■ TASK INSTRUCTIONS ■
Nothing but the lines below, from the first through the line containing "import ezdxf", should be set down, each one exactly and without pictures.

[Records from a data source]
════
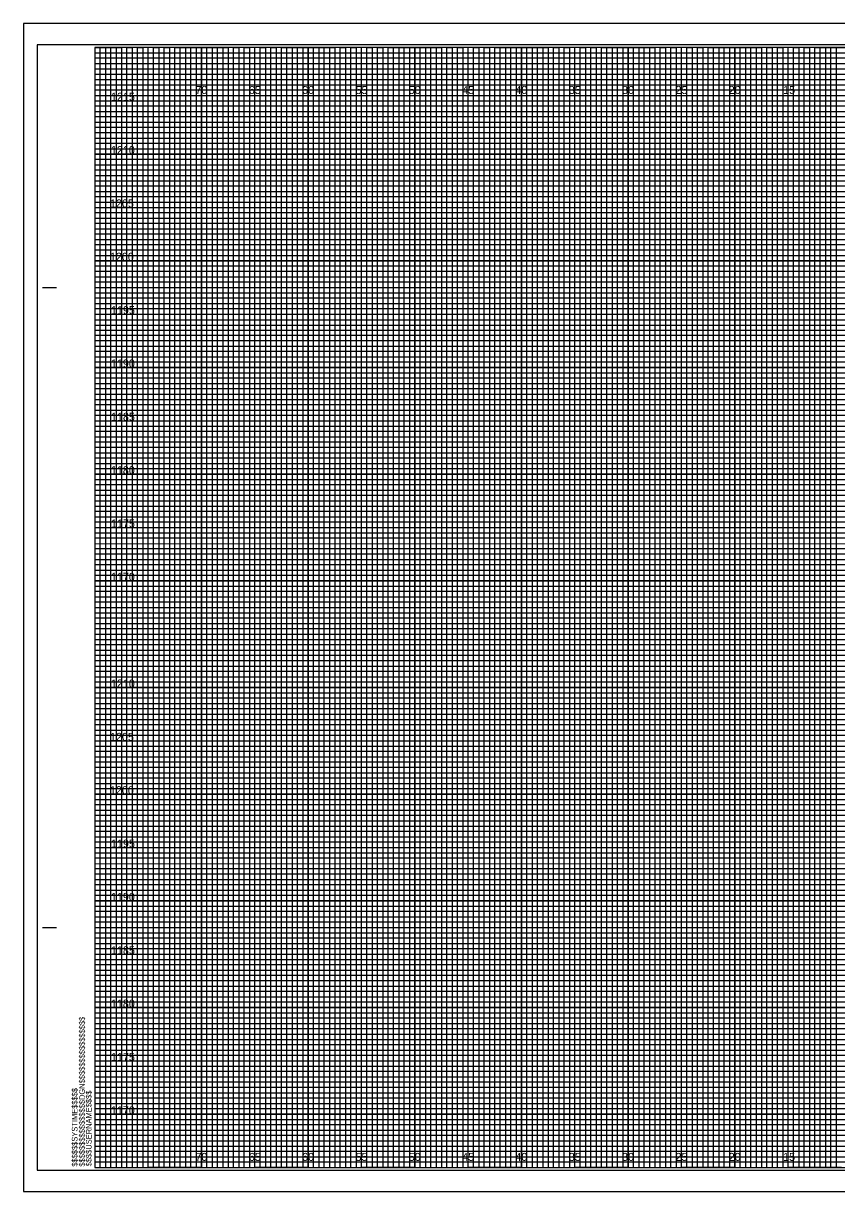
# Model space of a CAD drawing. Extents: x 3478 to 3647, y -9 to 1255.
# Drawn here: x 3478.3 to 3554.6, y 320.7 to 430.2 of the extents above; entities that cross this region are included whole.
import ezdxf

# ---------------------------------------------------------------- set-up
doc = ezdxf.new("R2010")
doc.units = 0
for name, color, linetype in [('Exist Cross Section Cell', 7, 'Continuous'), ('Prop CMT Subgrade Earthwork', 7, 'Continuous'), ('Prop Conc 4in Sidewalk', 7, 'Continuous'), ('Prop Conc Island Cover', 7, 'Continuous'), ('Sheet Cross Section CELL', 7, 'Continuous'), ('Sheet Cross Section Grid Minor 1 CELL', 7, 'Continuous'), ('Sheet Cross Section Grid Minor 2 CELL', 7, 'Continuous'), ('Sheet Cutting Line CELL', 7, 'Continuous'), ('Sheet DOT Grid CELL', 7, 'Continuous'), ('Sheet Plot Border Inside CELL', 7, 'Continuous')]:
    doc.layers.add(name, color=color, linetype=linetype)

msp = doc.modelspace()

# ---------------------------------------------------------------- linework, layer by layer
at = {"layer": 'Exist Cross Section Cell'}
for points in [[(3485.01, 427.97), (3487.51, 427.97), (3487.51, 322.97), (3492.51, 322.97), (3492.51, 427.97), (3497.51, 427.97), (3497.51, 322.97), (3502.51, 322.97), (3502.51, 427.97), (3507.51, 427.97), (3507.51, 322.97), (3512.51, 322.97), (3512.51, 427.97), (3517.51, 427.97), (3517.51, 322.97), (3522.51, 322.97), (3522.51, 427.97), (3527.51, 427.97), (3527.51, 322.97), (3532.51, 322.97), (3532.51, 427.97), (3537.51, 427.97), (3537.51, 322.97), (3542.51, 322.97), (3542.51, 427.97), (3547.51, 427.97), (3547.51, 322.97), (3552.51, 322.97), (3552.51, 427.97), (3557.51, 427.97)], [(3485.01, 425.47), (3622.51, 425.47)], [(3485.01, 415.47), (3645.01, 415.47), (3645.01, 420.47), (3485.01, 420.47)], [(3485.01, 405.47), (3645.01, 405.47), (3645.01, 410.47), (3485.01, 410.47)], [(3485.01, 395.47), (3645.01, 395.47), (3645.01, 400.47), (3485.01, 400.47)], [(3485.01, 385.47), (3645.01, 385.47), (3645.01, 390.47), (3485.01, 390.47)], [(3485.01, 375.47), (3645.01, 375.47), (3645.01, 380.47), (3485.01, 380.47)], [(3485.01, 365.47), (3645.01, 365.47), (3645.01, 370.47), (3485.01, 370.47)], [(3485.01, 355.47), (3645.01, 355.47), (3645.01, 360.47), (3485.01, 360.47)], [(3485.01, 345.47), (3645.01, 345.47), (3645.01, 350.47), (3485.01, 350.47)], [(3485.01, 335.47), (3645.01, 335.47), (3645.01, 340.47), (3485.01, 340.47)], [(3485.01, 325.47), (3645.01, 325.47), (3645.01, 330.47), (3485.01, 330.47)]]:
    msp.add_lwpolyline(points, dxfattribs=at)
at = {"layer": 'Prop CMT Subgrade Earthwork'}
msp.add_lwpolyline([(3478.31, 320.72), (3646.66, 320.72), (3646.66, 430.22), (3478.31, 430.22)], close=True, dxfattribs=at)
at = {"layer": 'Prop Conc 4in Sidewalk'}
for p, q in [((3490.01, 427.97), (3485.01, 427.97)), ((3490.01, 322.97), (3490.01, 427.97)), ((3500.01, 427.97), (3495.01, 427.97)), ((3495.01, 427.97), (3495.01, 322.97)), ((3500.01, 322.97), (3500.01, 427.97)), ((3510.01, 427.97), (3505.01, 427.97)), ((3505.01, 427.97), (3505.01, 322.97)), ((3510.01, 322.97), (3510.01, 427.97)), ((3520.01, 427.97), (3515.01, 427.97)), ((3515.01, 427.97), (3515.01, 322.97)), ((3520.01, 322.97), (3520.01, 427.97)), ((3530.01, 427.97), (3525.01, 427.97)), ((3525.01, 427.97), (3525.01, 322.97)), ((3530.01, 322.97), (3530.01, 427.97)), ((3540.01, 427.97), (3535.01, 427.97)), ((3535.01, 427.97), (3535.01, 322.97)), ((3540.01, 322.97), (3540.01, 427.97)), ((3550.01, 427.97), (3545.01, 427.97)), ((3545.01, 427.97), (3545.01, 322.97)), ((3550.01, 322.97), (3550.01, 427.97)), ((3495.01, 322.97), (3490.01, 322.97)), ((3505.01, 322.97), (3500.01, 322.97)), ((3515.01, 322.97), (3510.01, 322.97)), ((3525.01, 322.97), (3520.01, 322.97)), ((3535.01, 322.97), (3530.01, 322.97)), ((3545.01, 322.97), (3540.01, 322.97)), ((3555.01, 322.97), (3550.01, 322.97))]:
    msp.add_line(p, q, dxfattribs=at)
for points in [[(3485.01, 422.97), (3645.01, 422.97), (3645.01, 417.97), (3485.01, 417.97)], [(3485.01, 412.97), (3645.01, 412.97), (3645.01, 407.97), (3485.01, 407.97)], [(3485.01, 402.97), (3645.01, 402.97), (3645.01, 397.97), (3485.01, 397.97)], [(3485.01, 392.97), (3645.01, 392.97), (3645.01, 387.97), (3485.01, 387.97)], [(3485.01, 382.97), (3645.01, 382.97), (3645.01, 377.97), (3485.01, 377.97)], [(3485.01, 372.97), (3645.01, 372.97), (3645.01, 367.97), (3485.01, 367.97)], [(3485.01, 362.97), (3645.01, 362.97), (3645.01, 357.97), (3485.01, 357.97)], [(3485.01, 352.97), (3645.01, 352.97), (3645.01, 347.97), (3485.01, 347.97)], [(3485.01, 342.97), (3645.01, 342.97), (3645.01, 337.97), (3485.01, 337.97)], [(3485.01, 332.97), (3645.01, 332.97), (3645.01, 327.97), (3485.01, 327.97)]]:
    msp.add_lwpolyline(points, dxfattribs=at)
at = {"layer": 'Sheet Cross Section CELL'}
for p, q in [((3480.11, 405.47), (3481.36, 405.47)), ((3480.16, 405.47), (3481.41, 405.47)), ((3480.11, 345.47), (3481.36, 345.47)), ((3480.16, 345.47), (3481.41, 345.47))]:
    msp.add_line(p, q, dxfattribs=at)
msp.add_lwpolyline([(3645.01, 427.97), (3485.01, 427.97), (3485.01, 322.97), (3645.01, 322.97)], close=True, dxfattribs=at)
at = {"layer": 'Sheet Cross Section Grid Minor 1 CELL'}
for p, q in [((3485.01, 427.47), (3615.01, 427.47)), ((3615.01, 426.96), (3485.01, 426.96)), ((3485.01, 426.96), (3485.01, 426.47)), ((3485.01, 426.47), (3615.01, 426.47)), ((3615.01, 425.92), (3485.01, 425.92)), ((3485.01, 425.92), (3485.01, 424.97)), ((3485.01, 424.97), (3645.01, 424.97))]:
    msp.add_line(p, q, dxfattribs=at)
for points in [[(3485.01, 424.47), (3620.01, 424.47), (3645.01, 424.47), (3645.01, 423.97), (3485.01, 423.97)], [(3485.01, 423.47), (3645.01, 423.47), (3645.01, 422.47), (3485.01, 422.47)], [(3485.01, 421.97), (3645.01, 421.97), (3645.01, 421.47), (3485.01, 421.46)], [(3485.01, 420.97), (3645.01, 420.97), (3645.01, 419.97), (3485.01, 419.97)], [(3485.01, 419.47), (3645.01, 419.47), (3645.01, 418.97), (3485.01, 418.97)], [(3485.01, 418.47), (3645.01, 418.47), (3645.01, 417.47), (3485.01, 417.47)], [(3485.01, 416.97), (3645.01, 416.97), (3645.01, 416.47), (3485.01, 416.47)], [(3485.01, 415.97), (3645.01, 415.97), (3645.01, 414.97), (3485.01, 414.97)], [(3485.01, 414.47), (3645.01, 414.47), (3645.01, 413.97), (3485.01, 413.97)], [(3485.01, 413.47), (3645.01, 413.47), (3645.01, 412.47), (3485.01, 412.47)], [(3485.01, 411.97), (3645.01, 411.97), (3645.01, 411.47), (3485.01, 411.47)], [(3485.01, 410.97), (3645.01, 410.97), (3645.01, 409.95), (3645.01, 409.47), (3645.01, 408.97), (3485.01, 408.97)], [(3485.01, 409.97), (3645.01, 409.97), (3645.01, 409.47), (3485.01, 409.47)], [(3485.01, 408.47), (3645.01, 408.47), (3645.01, 407.47), (3485.01, 407.49)], [(3485.01, 407.49), (3645.01, 407.47), (3645.01, 406.97), (3485.01, 406.97)], [(3485.01, 406.47), (3645.01, 406.47), (3645.01, 405.97), (3485.01, 405.97)], [(3485.01, 404.97), (3645.01, 404.97), (3645.01, 404.47), (3485.01, 404.47)], [(3485.01, 403.97), (3645.01, 403.97), (3645.01, 403.47), (3485.01, 403.47)], [(3484.97, 402.42), (3645.01, 402.42), (3645.01, 401.91), (3484.97, 401.91)], [(3485.01, 401.47), (3645.01, 401.47), (3645.01, 400.97), (3485.01, 400.97)], [(3485.01, 399.97), (3645.01, 399.97), (3645.01, 399.47), (3485.01, 399.47)], [(3485.01, 398.97), (3645.01, 398.97), (3645.01, 398.47), (3485.01, 398.47)], [(3485.01, 397.47), (3645.01, 397.47), (3645.01, 396.97), (3485.01, 396.97)], [(3485.01, 396.47), (3645.01, 396.47), (3645.01, 395.97), (3485.01, 395.97)], [(3485.01, 394.97), (3645.01, 394.97), (3645.01, 394.47), (3485.01, 394.47)], [(3485.01, 393.97), (3645.01, 393.97), (3645.01, 393.47), (3485.01, 393.47)], [(3485.01, 392.47), (3645.01, 392.47), (3645, 391.96), (3485.01, 391.97)], [(3485.01, 391.47), (3645.01, 391.47), (3645.01, 390.97), (3485.01, 390.97)], [(3485.01, 389.97), (3645.01, 389.97), (3645.01, 389.47), (3485.01, 389.47)], [(3485.01, 388.97), (3645.01, 388.97), (3645.01, 388.47), (3485.01, 388.47)], [(3485.01, 387.47), (3645.01, 387.47), (3645.01, 386.97), (3485.01, 386.97)], [(3485.01, 386.47), (3645.01, 386.47), (3645.01, 385.97), (3485.01, 385.97)], [(3485.01, 384.97), (3645.01, 384.97), (3645.01, 384.47), (3485.01, 384.47)], [(3485.01, 383.97), (3645.01, 383.97), (3645.01, 383.47), (3485.01, 383.47)], [(3485.01, 382.47), (3645.01, 382.47), (3645.01, 381.97), (3485.01, 381.97)], [(3485.01, 381.47), (3645.04, 381.43), (3645.01, 380.97), (3485.01, 380.97)], [(3485.01, 379.97), (3645.01, 379.97), (3645.01, 379.47), (3485.01, 379.47)], [(3485.01, 378.97), (3645.01, 378.97), (3645.01, 378.47), (3485.01, 378.47)], [(3485.01, 377.47), (3645.01, 377.47), (3645.01, 376.97), (3485.01, 376.97)], [(3485.01, 376.47), (3645.01, 376.47), (3645.01, 375.97), (3485.01, 375.97)], [(3485.01, 374.97), (3645.01, 374.97), (3645.01, 374.47), (3485.01, 374.47)], [(3485.01, 373.97), (3645.01, 373.97), (3645.01, 373.47), (3485.01, 373.47)], [(3485.01, 372.47), (3645.01, 372.47), (3645.01, 371.97), (3485.01, 371.97)], [(3485.01, 371.47), (3645.01, 371.47), (3645.01, 370.97), (3485.01, 370.97)], [(3485.01, 369.97), (3645.01, 369.97), (3645.01, 369.47), (3485.01, 369.47)], [(3485.01, 368.97), (3645.01, 368.97), (3645.01, 368.47), (3485.01, 368.47)], [(3485.01, 367.47), (3645.01, 367.47), (3645.01, 366.97), (3485.01, 366.97)], [(3485.01, 366.47), (3645.01, 366.47), (3645.01, 365.97), (3485.01, 365.97)], [(3485.01, 364.97), (3645.01, 364.97), (3645.01, 364.47), (3485.01, 364.47)], [(3485.01, 363.97), (3645.01, 363.97), (3645.01, 363.47), (3485.01, 363.47)], [(3485.01, 362.47), (3645.01, 362.47), (3645, 361.96), (3485.01, 361.97)], [(3485.01, 361.47), (3645.01, 361.47), (3645.01, 360.97), (3485.01, 360.97)], [(3485.01, 359.97), (3645.01, 359.97), (3645.01, 359.47), (3485.01, 359.47)], [(3485.01, 358.97), (3645.01, 358.97), (3645.01, 358.47), (3485.01, 358.47)], [(3485.01, 357.47), (3645.01, 357.47), (3645.01, 356.97), (3485.01, 356.97)], [(3485.01, 356.47), (3645.01, 356.47), (3645.01, 355.97), (3485.01, 355.97)], [(3485.01, 354.97), (3645.01, 354.97), (3645.01, 354.47), (3485.01, 354.47)], [(3485.01, 353.97), (3645.01, 353.97), (3645.01, 353.47), (3485.01, 353.47)], [(3485.01, 352.47), (3645.01, 352.47), (3645.01, 351.97), (3485.01, 351.97)], [(3485.01, 351.47), (3645.04, 351.43), (3645.01, 350.97), (3485.01, 350.97)], [(3485.01, 349.97), (3645.01, 349.97), (3645.01, 349.47), (3485.01, 349.47)], [(3485.01, 348.97), (3645.01, 348.97), (3645.01, 348.47), (3485.01, 348.47)], [(3485.01, 347.47), (3645.01, 347.47), (3645.01, 346.97), (3485.01, 346.97)], [(3485.01, 346.47), (3645.01, 346.47), (3645.01, 345.97), (3485.01, 345.97)], [(3485.01, 344.97), (3645.01, 344.97), (3645.01, 344.47), (3485.01, 344.47)], [(3485.01, 343.97), (3645.01, 343.97), (3645.01, 343.47), (3485.01, 343.47)], [(3485.01, 342.47), (3645.01, 342.47), (3645.01, 341.97), (3485.01, 341.97)], [(3485.01, 341.47), (3645.01, 341.47), (3645.01, 340.97), (3485.01, 340.97)], [(3485.01, 339.97), (3645.01, 339.97), (3645.01, 339.47), (3485.01, 339.47)], [(3485.01, 338.97), (3645.01, 338.97), (3645.01, 338.47), (3485.01, 338.47)], [(3485.01, 337.47), (3645.01, 337.47), (3645.01, 336.97), (3485.01, 336.97)], [(3485.01, 336.47), (3645.01, 336.47), (3645.01, 335.97), (3485.01, 335.97)], [(3485.01, 334.97), (3645.01, 334.97), (3645.01, 334.47), (3485.01, 334.47)], [(3485.01, 333.97), (3645.01, 333.97), (3645.01, 333.47), (3485.01, 333.47)], [(3485.01, 332.47), (3645.01, 332.47), (3645.01, 331.97), (3485.01, 331.97)], [(3485.01, 331.47), (3645.01, 331.47), (3645.01, 330.97), (3485.01, 330.97)], [(3485.01, 329.97), (3645.01, 329.97), (3645.01, 329.47), (3485.01, 329.47)], [(3485.01, 328.97), (3645.01, 328.97), (3645.01, 328.47), (3485.01, 328.47)], [(3485.01, 327.47), (3645.01, 327.47), (3645.01, 326.97), (3485.01, 326.97)], [(3485.01, 326.47), (3645.01, 326.47), (3645.01, 325.97), (3485.01, 325.97)], [(3485.01, 324.97), (3645.01, 324.97), (3645.01, 324.47), (3485.01, 324.47)], [(3485.01, 323.97), (3645.01, 323.97), (3645.01, 323.47), (3485.01, 323.47)]]:
    msp.add_lwpolyline(points, dxfattribs=at)
at = {"layer": 'Sheet Cross Section Grid Minor 2 CELL'}
for points in [[(3485.01, 322.97), (3485.51, 322.97), (3485.51, 427.97), (3486.01, 427.97), (3486.01, 322.97)], [(3486.01, 322.97), (3486.51, 322.97), (3486.51, 427.97), (3487.01, 427.97), (3487.01, 322.97)], [(3487.51, 322.97), (3488.01, 322.97), (3488.01, 427.97), (3488.51, 427.97), (3488.51, 322.97)], [(3488.51, 322.97), (3489.01, 322.97), (3489.01, 427.97), (3489.51, 427.97), (3489.51, 322.97)], [(3490.01, 322.97), (3490.51, 322.97), (3490.51, 427.97), (3491.01, 427.97), (3491.01, 322.97)], [(3491.01, 322.97), (3491.51, 322.97), (3491.51, 427.97), (3492.01, 427.97), (3492.01, 322.97)], [(3492.51, 322.97), (3493.01, 322.97), (3493.01, 427.97), (3493.51, 427.97), (3493.51, 322.97)], [(3493.51, 322.97), (3494.01, 322.97), (3494.01, 427.97), (3494.51, 427.97), (3494.51, 322.97)], [(3495.01, 322.97), (3495.51, 322.97), (3495.51, 427.97), (3496.01, 427.97), (3496.01, 322.97)], [(3496.01, 322.97), (3496.51, 322.97), (3496.51, 427.97), (3497.01, 427.97), (3497.01, 322.97)], [(3497.51, 322.97), (3498.01, 322.97), (3498.01, 427.97), (3498.51, 427.97), (3498.51, 322.97)], [(3498.51, 322.97), (3499.01, 322.97), (3499.01, 427.97), (3499.51, 427.97), (3499.51, 322.97)], [(3500.01, 322.97), (3500.51, 322.97), (3500.51, 427.97), (3501.01, 427.97), (3501.01, 322.97)], [(3501.01, 322.97), (3501.51, 322.97), (3501.51, 427.97), (3502.01, 427.97), (3502.01, 322.97)], [(3502.51, 322.97), (3503.01, 322.97), (3503.01, 427.97), (3503.51, 427.97), (3503.51, 322.97)], [(3503.51, 322.97), (3504.01, 322.97), (3504.01, 427.97), (3504.51, 427.97), (3504.51, 322.97)], [(3505.01, 322.97), (3505.51, 322.97), (3505.51, 427.97), (3506.01, 427.97), (3506.01, 322.97)], [(3506.01, 322.97), (3506.51, 322.97), (3506.51, 427.97), (3507.01, 427.97), (3507.01, 322.97)], [(3507.51, 322.97), (3508.01, 322.97), (3508.01, 427.97), (3508.51, 427.97), (3508.51, 322.97)], [(3508.51, 322.97), (3509.01, 322.97), (3509.01, 427.97), (3509.51, 427.97), (3509.51, 322.97)], [(3510.01, 322.97), (3510.51, 322.97), (3510.51, 427.97), (3511.01, 427.97), (3511.01, 322.97)], [(3511.01, 322.97), (3511.51, 322.97), (3511.51, 427.97), (3512.01, 427.97), (3512.01, 322.97)], [(3512.51, 322.97), (3513.01, 322.97), (3513.01, 427.97), (3513.51, 427.97), (3513.51, 322.97)], [(3513.51, 322.97), (3514.01, 322.97), (3514.01, 427.97), (3514.51, 427.97), (3514.51, 322.97)], [(3515.01, 322.97), (3515.51, 322.97), (3515.51, 427.97), (3516.01, 427.97), (3516.01, 322.97)], [(3516.01, 322.97), (3516.51, 322.97), (3516.51, 427.97), (3517.01, 427.97), (3517.01, 322.97)], [(3517.51, 322.97), (3518.01, 322.97), (3518.01, 427.97), (3518.51, 427.97), (3518.51, 322.97)], [(3518.51, 322.97), (3519.01, 322.97), (3519.01, 427.97), (3519.51, 427.97), (3519.51, 322.97)], [(3520.01, 322.97), (3520.51, 322.97), (3520.51, 427.97), (3521.01, 427.97), (3521.01, 322.97)], [(3521.01, 322.97), (3521.51, 322.97), (3521.51, 427.97), (3522.01, 427.97), (3522.01, 322.97)], [(3522.51, 322.97), (3523.01, 322.97), (3523.01, 427.97), (3523.51, 427.97), (3523.51, 322.97)], [(3523.51, 322.97), (3524.01, 322.97), (3524.01, 427.97), (3524.51, 427.97), (3524.51, 322.97)], [(3525.01, 322.97), (3525.51, 322.97), (3525.51, 427.97), (3526.01, 427.97), (3526.01, 322.97)], [(3526.01, 322.97), (3526.51, 322.97), (3526.51, 427.97), (3527.01, 427.97), (3527.01, 322.97)], [(3527.51, 322.97), (3528.01, 322.97), (3528.01, 427.97), (3528.51, 427.97), (3528.51, 322.97)], [(3528.51, 322.97), (3529.01, 322.97), (3529.01, 427.97), (3529.51, 427.97), (3529.51, 322.97)], [(3530.01, 322.97), (3530.51, 322.97), (3530.51, 427.97), (3531.01, 427.97), (3531.01, 322.97)], [(3531.01, 322.97), (3531.51, 322.97), (3531.51, 427.97), (3532.01, 427.97), (3532.01, 322.97)], [(3532.51, 322.97), (3533.01, 322.97), (3533.01, 427.97), (3533.51, 427.97), (3533.51, 322.97)], [(3533.51, 322.97), (3534.01, 322.97), (3534.01, 427.97), (3534.51, 427.97), (3534.51, 322.97)], [(3535.01, 322.97), (3535.51, 322.97), (3535.51, 427.97), (3536.01, 427.97), (3536.01, 322.97)], [(3536.01, 322.97), (3536.51, 322.97), (3536.51, 427.97), (3537.01, 427.97), (3537.01, 322.97)], [(3537.51, 322.97), (3538.01, 322.97), (3538.01, 427.97), (3538.51, 427.97), (3538.51, 322.97)], [(3538.51, 322.97), (3539.01, 322.97), (3539.01, 427.97), (3539.51, 427.97), (3539.51, 322.97)], [(3540.01, 322.97), (3540.51, 322.97), (3540.51, 427.97), (3541.01, 427.97), (3541.01, 322.97)], [(3541.01, 322.97), (3541.51, 322.97), (3541.51, 427.97), (3542.01, 427.97), (3542.01, 322.97)], [(3542.51, 322.97), (3543.01, 322.97), (3543.01, 427.97), (3543.51, 427.97), (3543.51, 322.97)], [(3543.51, 322.97), (3544.01, 322.97), (3544.01, 427.97), (3544.51, 427.97), (3544.51, 322.97)], [(3545.01, 322.97), (3545.51, 322.97), (3545.51, 427.97), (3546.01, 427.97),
════
■ RESULT FOR THIS TASK ■
# Model space of a CAD drawing. Extents: x 3478 to 3647, y -9 to 1255.
# Drawn here: x 3478.3 to 3554.6, y 320.7 to 430.2 of the extents above; entities that cross this region are included whole.
import ezdxf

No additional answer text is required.